Sprawa rzekomych "250 tysięcy wiz". Polityk PO nie był w stanie wskazać źródła informacji

2023-10-13, 09:54

Sprawa rzekomych "250 tysięcy wiz". Polityk PO nie był w stanie wskazać źródła informacji
Polityk PO nie był w stanie wskazać źródła informacji. Foto: PAP/Mateusz Marek

Piotr Kandyba, kandydat do Sejmu z Platformy Obywatelskiej, nie potrafił wskazać źródła informacji o rzekomych 250 tysiącach wiz.

Grzegorz Jankowski w programie "Punkt widzenia" na antenie Polsat News dopytywał Piotra Kandybę, kandydata do Sejmu z Platformy Obywatelskiej, ws. rzekomych 250 tysięcy wiz, o których mówiła opozycja.

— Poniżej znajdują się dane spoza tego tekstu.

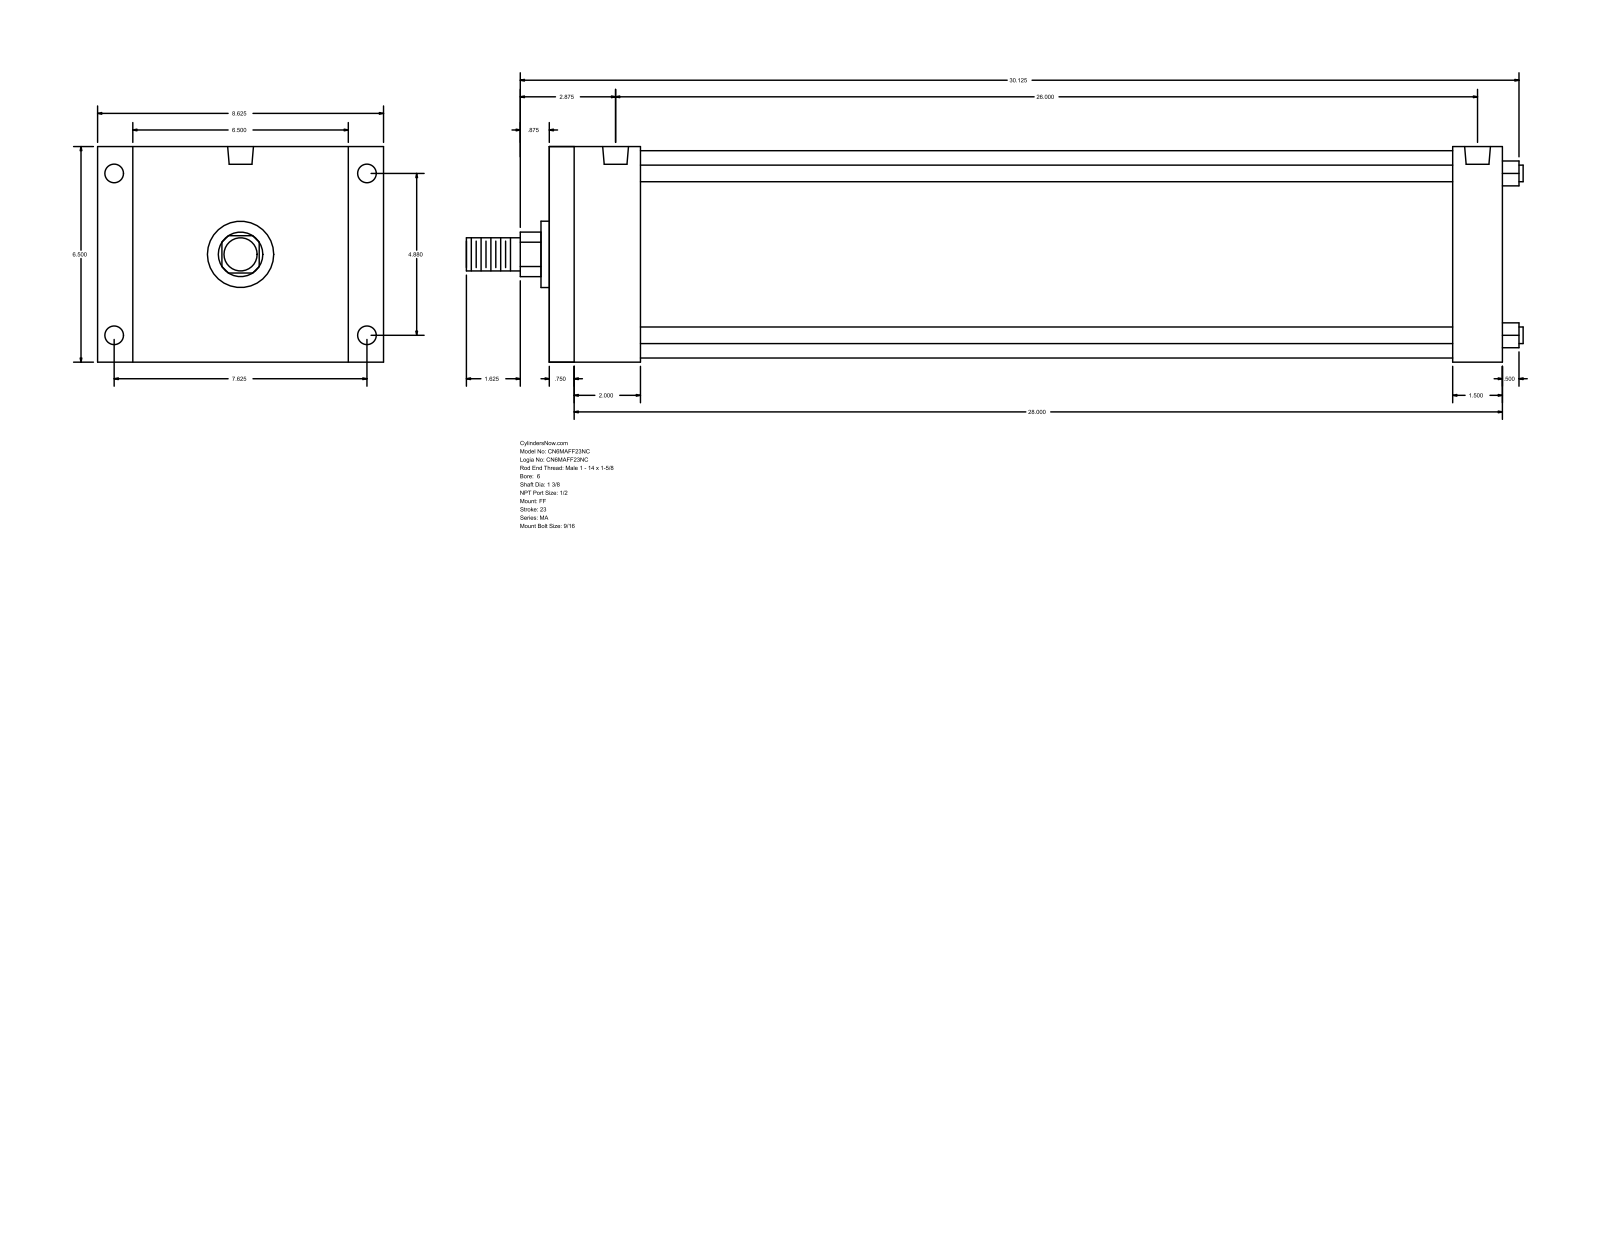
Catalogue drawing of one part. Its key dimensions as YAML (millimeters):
part_name: "MA_FF__0600_1.375"
step_written_by: "GSSL Pune (CONFIG_CONTROL_DESIGN)"
units: millimeters
bodies: {solids: 0, faces: 92, planar: 64, cylindrical: 28, other: 0}
overall_size: [809.62, 219.07, 165.1]
round_holes:
  - {diameter: 14.29, count: 4}
  - {diameter: 17.46, count: 4}
  - {diameter: 19.77, count: 2}
round_bosses_or_shafts:
  - {diameter: 12.7, count: 4}
  - {diameter: 158.75, count: 1}
  - {diameter: 50.8, count: 1}
  - {diameter: 34.92, count: 1}
  - {diameter: 25.4, count: 1}
partial_cylinders:
  - {radius: 17.06, count: 1}
face_to_face_distances: [165.1, 730.25, 15.87, 714.38, 38.1, 66.67, 50.8, 663.58, 692.15, 676.28]
hole_center_spacings: [123.96, 193.68, 229.95, 663.57, 3.18, 660.39]

- W powszechnej opinii medialnej były takie wyliczenia - odpowiadał Kandyba na pytania o źródła doniesień ws. "250 tysięcy wiz". - Ale powszechna opinia medialna to nie jest źródło - drążył Jankowski. - No dobrze, ale nawet jak będzie 200 tys., 100 czy 50 tysięcy… w tym cały sęk, że proceder nie powinien mieć miejsca, a miał. I my teraz mówimy o relokacji, sprawach migracyjnych, a wpuszczamy za pieniądze, i to wiele tysięcy dolarów, właśnie migrantów - mówił polityk PO.

"Wiedza medialna to nie jest źródło"

- Jeżeli rządzący mówią, że to było 250 wiz, a wy mówicie: "250 tysięcy", to różnica jest kolosalna (...) powszechna wiedza medialna to nie jest źródło (…) panie kandydacie, oskarżacie, a nie macie źródła, to jest nie w porządku (…) czy jest możliwe, że wyście rzucili 250 tys. w powietrze, nie sprawdzając, skąd ta informacja? (...) musi być konkretne źródło: służby, służby państwowe, konsulaty, MSZ, nie można powiedzieć 250 tys. nie wiadomo skąd - stwierdził Jankowski.

- Trzeba się spytać tych, co powiedzieli. Tak poszło w mediach, my to sprawdzimy, powołamy komisję, jak się okaże, że 250, to przeproszę. Ale w tym momencie jest temat wielu tysięcy wiz - odpowiadał Kandyba.

"Sztukę kłamstwa opanowali dużo lepiej niż Goebbels"

Minister Czarnek w rozmowie z i.pl odniósł się do nieprawidłowości przy wydawaniu wiz. Jego zdaniem "mamy do czynienia z czymś, co śmiało może posłużyć jako scenariusz do filmu «Anatomia kłamstwa»".

- Platforma Obywatelska z założenia rozpoczęła kampanię wyborczą zgodnie z programem Palikota, czyli "kłamać, kłamać i jeszcze raz kłamać, bo jak nie będziecie kłamać, to przegracie wybory". Następnie jeszcze program Palikota udoskonalili, bo np. pan Belka nawet mówił, że nie tylko kłamać, ale kłamać i to bardzo szybko, żeby jedno kłamstwo przykryć drugim - powiedział.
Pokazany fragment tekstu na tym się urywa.